Your next layer of oversite is accreditation. Although this step is supposed to be voluntary, operating a school without accreditation is virtually impossible. Accreditation of an institution can take between two and seven years to obtain depending on the agency. The cost of complying with the standards makes the average school executive wince. Everything from equipment, faculty credentials, facility, administrative capability, finances, and student satisfaction, etc. are mandated by your competitor who sits on the accrediting commissions. While most are fair and desire to protect students from you, others can be arbitrary and capricious.

After an institution obtains institutional accreditation, it may seek programmatic accreditation especially if the school wants to serve the most needed occupations in a community, like nursing. The institution must start another self-study, prepare for a rigorous examination like the institutional accreditors and then follow all the policies and guidelines set forth by these specific occupational trade associations which in many cases want to limit the supply of professionals to maintain high salaries for their members.

Finally, the edupreneur must fight the hurdles placed in front of their institutions by the myriad of Federal regulators.

Each agency has its inspector general, volumes of rules and regulations, audit guides and not so obscure threats of legal or criminal prosecution behind every application for approval.

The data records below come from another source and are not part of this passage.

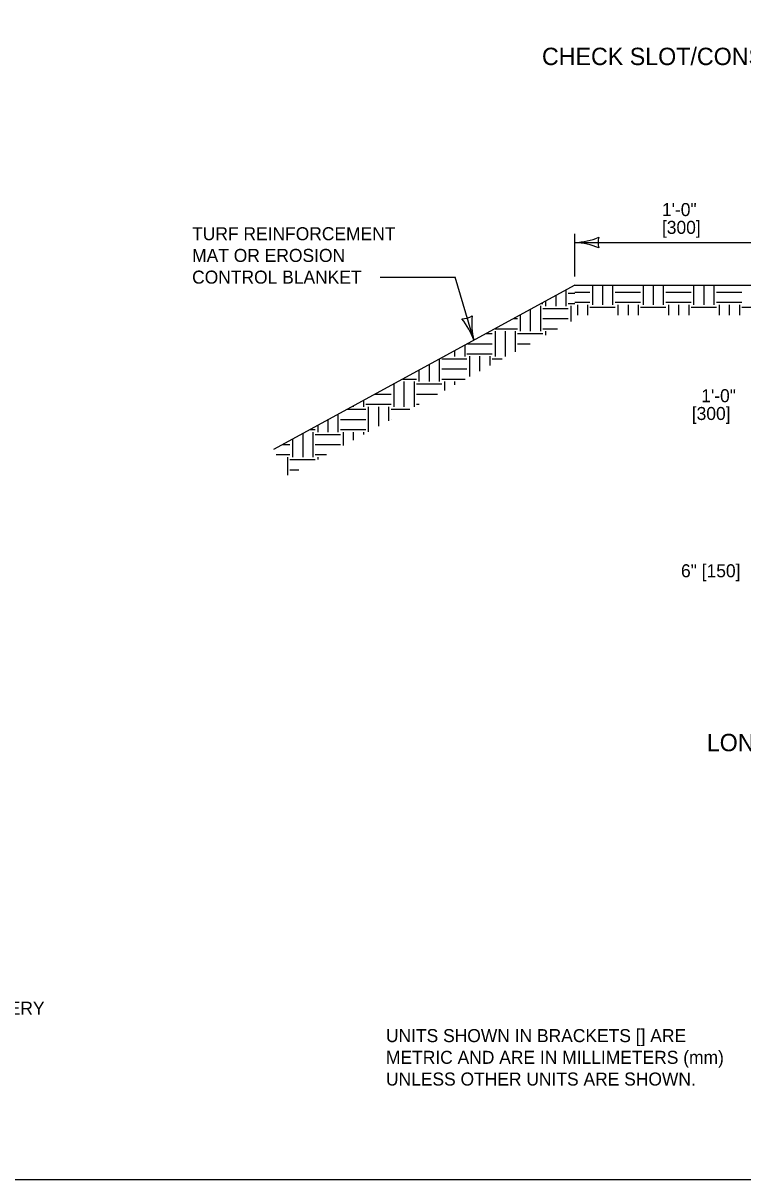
# Model space of a CAD drawing. Extents: x 49977.1 to 50021, y 49987.6 to 50011.4.
# Drawn here: x 50010.27 to 50013.59, y 49987.8 to 49993.13 of the extents above; entities that cross this region are included whole.
import ezdxf

# ---------------------------------------------------------------- set-up
doc = ezdxf.new("R2010")
doc.units = 0
for name, color, linetype in [('Level 1', 7, 'Continuous'), ('Level 2', 7, 'Continuous'), ('Level 3', 7, 'Continuous')]:
    doc.layers.add(name, color=color, linetype=linetype)

msp = doc.modelspace()

# ---------------------------------------------------------------- linework, layer by layer
at = {"layer": 'Level 1'}
for p, q in [((50012.812, 49991.9196), (50011.4243, 49991.1625)), ((50012.7705, 49991.8969), (50012.7705, 49991.8233)), ((50012.8927, 49991.9196), (50012.8927, 49991.8293)), ((50012.9393, 49991.9196), (50012.9393, 49991.8293)), ((50012.9859, 49991.9196), (50012.9859, 49991.8293)), ((50013.1257, 49991.9196), (50013.1257, 49991.8293)), ((50013.1723, 49991.9196), (50013.1723, 49991.8293)), ((50013.2189, 49991.9196), (50013.2189, 49991.8293)), ((50013.3587, 49991.9196), (50013.3587, 49991.8293)), ((50013.4053, 49991.9196), (50013.4053, 49991.8293)), ((50013.4519, 49991.9196), (50013.4519, 49991.8293)), ((50012.6773, 49991.8461), (50012.6773, 49991.8233)), ((50012.7239, 49991.8715), (50012.7239, 49991.8233)), ((50012.7813, 49991.8824), (50012.812, 49991.8824)), ((50012.812, 49991.8876), (50012.8811, 49991.8876)), ((50012.812, 49991.841), (50012.8811, 49991.841)), ((50012.9975, 49991.8876), (50013.114, 49991.8876)), ((50012.9975, 49991.841), (50013.114, 49991.841)), ((50013.2305, 49991.8876), (50013.347, 49991.8876)), ((50013.2305, 49991.841), (50013.347, 49991.841)), ((50013.4635, 49991.8876), (50013.58, 49991.8876)), ((50013.4635, 49991.841), (50013.58, 49991.841)), ((50012.6066, 49991.8075), (50012.6066, 49991.7076)), ((50012.6532, 49991.8241), (50012.6532, 49991.7076)), ((50012.6585, 49991.8358), (50012.6648, 49991.8358)), ((50012.6648, 49991.8125), (50012.7813, 49991.8125)), ((50012.7813, 49991.8358), (50012.812, 49991.8358)), ((50012.793, 49991.8241), (50012.793, 49991.7525)), ((50012.8237, 49991.8293), (50012.8237, 49991.7821)), ((50012.8703, 49991.8293), (50012.8703, 49991.7821)), ((50012.8811, 49991.8185), (50012.9975, 49991.8185)), ((50013.0101, 49991.8293), (50013.0101, 49991.7821)), ((50013.0567, 49991.8293), (50013.0567, 49991.7821)), ((50013.1033, 49991.8293), (50013.1033, 49991.7821)), ((50013.114, 49991.8185), (50013.2305, 49991.8185)), ((50013.2431, 49991.8293), (50013.2431, 49991.7821)), ((50013.2897, 49991.8293), (50013.2897, 49991.7821)), ((50013.3363, 49991.8293), (50013.3363, 49991.7821)), ((50013.347, 49991.8185), (50013.4635, 49991.8185)), ((50013.476, 49991.8293), (50013.476, 49991.7821)), ((50013.5226, 49991.8293), (50013.5226, 49991.7821)), ((50013.5692, 49991.8293), (50013.5692, 49991.7821)), ((50013.58, 49991.8185), (50013.6965, 49991.8185)), ((50012.5304, 49991.7659), (50012.5483, 49991.7659)), ((50012.56, 49991.7821), (50012.56, 49991.7076)), ((50012.6648, 49991.7659), (50012.7813, 49991.7659)), ((50012.4037, 49991.6968), (50012.4318, 49991.6968)), ((50012.4444, 49991.7076), (50012.4444, 49991.5911)), ((50012.4449, 49991.7193), (50012.5483, 49991.7193)), ((50012.491, 49991.7076), (50012.491, 49991.5911)), ((50012.5376, 49991.7076), (50012.5376, 49991.6132)), ((50012.5483, 49991.6968), (50012.6648, 49991.6968)), ((50012.6648, 49991.7193), (50012.732, 49991.7193)), ((50012.6773, 49991.7076), (50012.6773, 49991.6895)), ((50012.3046, 49991.6427), (50012.3046, 49991.5911)), ((50012.3183, 49991.6502), (50012.4318, 49991.6502)), ((50012.5483, 49991.6502), (50012.6054, 49991.6502)), ((50012.1872, 49991.5787), (50012.1872, 49991.4755)), ((50012.1989, 49991.5803), (50012.3153, 49991.5803)), ((50012.2114, 49991.5919), (50012.2114, 49991.5911)), ((50012.258, 49991.6173), (50012.258, 49991.5911)), ((50012.3153, 49991.6036), (50012.4318, 49991.6036)), ((50012.327, 49991.592), (50012.327, 49991.4983)), ((50012.3736, 49991.592), (50012.3736, 49991.5237)), ((50012.4202, 49991.592), (50012.4202, 49991.5492)), ((50012.4318, 49991.5803), (50012.4773, 49991.5803)), ((50012.094, 49991.5278), (50012.094, 49991.4755)), ((50012.1406, 49991.5533), (50012.1406, 49991.4755)), ((50012.1989, 49991.5337), (50012.3153, 49991.5337)), ((50012.0194, 49991.4871), (50012.0824, 49991.4871)), ((50012.025, 49991.4755), (50012.025, 49991.359)), ((50012.0716, 49991.4755), (50012.0716, 49991.359)), ((50012.1989, 49991.4871), (50012.3065, 49991.4871)), ((50012.2114, 49991.4755), (50012.2114, 49991.4352)), ((50012.258, 49991.4755), (50012.258, 49991.4606)), ((50011.8928, 49991.418), (50011.9659, 49991.418)), ((50011.9784, 49991.4647), (50011.9784, 49991.359)), ((50012.0824, 49991.4646), (50012.1989, 49991.4646)), ((50012.0824, 49991.418), (50012.1799, 49991.418)), ((50011.792, 49991.363), (50011.792, 49991.359)), ((50011.8386, 49991.3885), (50011.8386, 49991.359)), ((50011.8494, 49991.3714), (50011.9659, 49991.3714)), ((50012.0824, 49991.3714), (50012.0944, 49991.3714)), ((50011.7212, 49991.3244), (50011.7212, 49991.2433)), ((50011.7646, 49991.3481), (50011.8494, 49991.3481)), ((50011.861, 49991.3598), (50011.861, 49991.2441)), ((50011.9076, 49991.3598), (50011.9076, 49991.2695)), ((50011.9542, 49991.3598), (50011.9542, 49991.2949)), ((50011.9659, 49991.3481), (50012.0517, 49991.3481)), ((50011.5938, 49991.2549), (50011.6164, 49991.2549)), ((50011.628, 49991.2736), (50011.628, 49991.2433)), ((50011.6746, 49991.299), (50011.6746, 49991.2433)), ((50011.7329, 49991.3015), (50011.8494, 49991.3015)), ((50011.7329, 49991.2549), (50011.8494, 49991.2549)), ((50011.9659, 49991.3015), (50011.9663, 49991.3015)), ((50011.5124, 49991.2105), (50011.5124, 49991.1268)), ((50011.559, 49991.2359), (50011.559, 49991.1268)), ((50011.6056, 49991.2433), (50011.6056, 49991.1268)), ((50011.6164, 49991.2325), (50011.7329, 49991.2325)), ((50011.7454, 49991.2433), (50011.7454, 49991.181)), ((50011.792, 49991.2433), (50011.792, 49991.2064)), ((50011.8386, 49991.2433), (50011.8386, 49991.2318)), ((50011.4672, 49991.1859), (50011.4999, 49991.1859)), ((50011.6164, 49991.1859), (50011.7329, 49991.1859)), ((50011.4369, 49991.1393), (50011.4999, 49991.1393)), ((50011.4882, 49991.1276), (50011.4882, 49991.0453)), ((50011.4999, 49991.116), (50011.6164, 49991.116)), ((50011.6164, 49991.1393), (50011.6689, 49991.1393)), ((50011.628, 49991.1276), (50011.628, 49991.117)), ((50011.4999, 49991.0694), (50011.5408, 49991.0694))]:
    msp.add_line(p, q, dxfattribs=at)
msp.add_lwpolyline([(49999.3835, 49998.9992), (50016.7501, 49998.9992), (50016.7501, 49987.7988), (49999.3835, 49987.7988)], close=True, dxfattribs=at)
msp.add_lwpolyline([(50012.812, 49991.9196), (50013.912, 49991.9196), (50013.912, 49990.8196), (50014.462, 49990.8196)], dxfattribs=at)
at = {"layer": 'Level 3'}
for p, q in [((50012.812, 49991.9596), (50012.812, 49992.1559)), ((50012.812, 49992.1159), (50013.912, 49992.1159)), ((50011.9151, 49991.9567), (50012.2611, 49991.9567)), ((50012.3468, 49991.6657), (50012.2611, 49991.9567))]:
    msp.add_line(p, q, dxfattribs=at)
for centre, radius, start, end in [((50012.7953, 49992.4534), 0.3379, 272.8273, 292.0772), ((50012.7987, 49991.7937), 0.3224, 67.456, 87.6395), ((50012.998, 49992.1159), 0.0794, 162.1388, 197.8612), ((50012.2942, 49991.8441), 0.0794, 268.5507, 304.273), ((50012.0277, 49991.5544), 0.3379, 19.2392, 38.489), ((50012.6596, 49991.744), 0.3224, 173.8679, 194.0514)]:
    msp.add_arc(centre, radius, start, end, dxfattribs=at)

# ---------------------------------------------------------------- texts
at = {"layer": 'Level 2'}
for s, height, p in [('CHECK SLOT/CONSECUTIVE ROLL JOINT TRENCH', 0.08, (50012.6604, 49992.9333)), ('1\'-0" ', 0.06, (50013.2128, 49992.2379)), ('[300]', 0.06, (50013.2128, 49992.1559)), ('TURF REINFORCEMENT ', 0.06, (50011.0498, 49992.1267)), ('MAT OR EROSION', 0.06, (50011.0498, 49992.0267)), ('CONTROL BLANKET', 0.06, (50011.0498, 49991.9267)), ('1\'-0" ', 0.06, (50013.3937, 49991.3806)), ('[300]', 0.06, (50013.3502, 49991.2986)), ('6" [150]', 0.06, (50013.3005, 49990.5742)), ('LONGITUDINAL TRENCH', 0.08, (50013.4192, 49989.7731)), ('CHECK SLOT/CONSECUTIVE ROLL JOINT TRENCH: PROVIDE A CHECK SLOT A MINIMUM OF EVERY', 0.06, (50006.5098, 49988.5595)), ('UNITS SHOWN IN BRACKETS [] ARE ', 0.06, (50011.9422, 49988.4332)), ('METRIC AND ARE IN MILLIMETERS (mm) ', 0.06, (50011.9422, 49988.3332)), ('UNLESS OTHER UNITS ARE SHOWN.', 0.06, (50011.9422, 49988.2332))]:
    msp.add_text(s, height=height, dxfattribs=at).set_placement(p)

doc.saveas('drawing.dxf')

A mature school will have oversite by all the following agencies:

  1. The U.S. Department of Education
    • Financial Aid
    • Equal Opportunity
    • Other activities
  2. The U.S. Department of Labor – WIOA
  3. The U.S. Department of Veteran Affairs
  4. The Federal Trade Commission
  5. The Fair Labor Practices Commission
  6. The U.S. Justice Department
  7. The U.S. Immigration Service (SEVIS)
  8. The Consumer Protection Board
  9. The Department of Defense

Each of the agencies has its own enforcement arm to ensure a school follows all the rules and regulations they promulgate no matter how arbitrary and capricious they are.

It is so hard to understand how our country went from the free and the brave to the shackled and afraid. No wonder our students have so much debt because of the enormous cost of compliance. I feel sad for the career education leaders of today because they cannot enjoy the fruits of the labor of changing young people’s lives in the shadow of the sword of the government.